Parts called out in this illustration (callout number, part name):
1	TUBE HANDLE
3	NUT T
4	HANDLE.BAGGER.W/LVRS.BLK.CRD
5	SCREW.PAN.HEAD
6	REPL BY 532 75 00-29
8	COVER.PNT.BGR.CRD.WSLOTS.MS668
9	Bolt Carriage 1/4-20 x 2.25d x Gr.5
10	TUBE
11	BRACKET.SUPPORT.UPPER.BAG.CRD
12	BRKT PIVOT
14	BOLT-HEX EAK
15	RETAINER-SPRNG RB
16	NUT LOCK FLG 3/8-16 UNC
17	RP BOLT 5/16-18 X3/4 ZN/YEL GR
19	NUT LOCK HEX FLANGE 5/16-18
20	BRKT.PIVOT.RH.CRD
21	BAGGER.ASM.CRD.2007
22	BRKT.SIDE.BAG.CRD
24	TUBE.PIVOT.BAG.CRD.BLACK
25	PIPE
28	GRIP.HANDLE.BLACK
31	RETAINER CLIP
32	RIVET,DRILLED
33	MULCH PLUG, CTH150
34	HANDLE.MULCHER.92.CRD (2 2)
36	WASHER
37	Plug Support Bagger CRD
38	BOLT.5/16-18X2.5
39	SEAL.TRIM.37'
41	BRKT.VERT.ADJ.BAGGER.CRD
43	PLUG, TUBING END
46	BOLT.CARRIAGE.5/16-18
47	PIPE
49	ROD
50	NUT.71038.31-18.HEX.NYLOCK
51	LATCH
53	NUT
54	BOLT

======

TASK PROMPT: Restate the records above verbatim, omitting no line.

YOUR SOLUTION:
Parts called out in this illustration (callout number, part name):
1	TUBE HANDLE
3	NUT T
4	HANDLE.BAGGER.W/LVRS.BLK.CRD
5	SCREW.PAN.HEAD
6	REPL BY 532 75 00-29
8	COVER.PNT.BGR.CRD.WSLOTS.MS668
9	Bolt Carriage 1/4-20 x 2.25d x Gr.5
10	TUBE
11	BRACKET.SUPPORT.UPPER.BAG.CRD
12	BRKT PIVOT
14	BOLT-HEX EAK
15	RETAINER-SPRNG RB
16	NUT LOCK FLG 3/8-16 UNC
17	RP BOLT 5/16-18 X3/4 ZN/YEL GR
19	NUT LOCK HEX FLANGE 5/16-18
20	BRKT.PIVOT.RH.CRD
21	BAGGER.ASM.CRD.2007
22	BRKT.SIDE.BAG.CRD
24	TUBE.PIVOT.BAG.CRD.BLACK
25	PIPE
28	GRIP.HANDLE.BLACK
31	RETAINER CLIP
32	RIVET,DRILLED
33	MULCH PLUG, CTH150
34	HANDLE.MULCHER.92.CRD (2 2)
36	WASHER
37	Plug Support Bagger CRD
38	BOLT.5/16-18X2.5
39	SEAL.TRIM.37'
41	BRKT.VERT.ADJ.BAGGER.CRD
43	PLUG, TUBING END
46	BOLT.CARRIAGE.5/16-18
47	PIPE
49	ROD
50	NUT.71038.31-18.HEX.NYLOCK
51	LATCH
53	NUT
54	BOLT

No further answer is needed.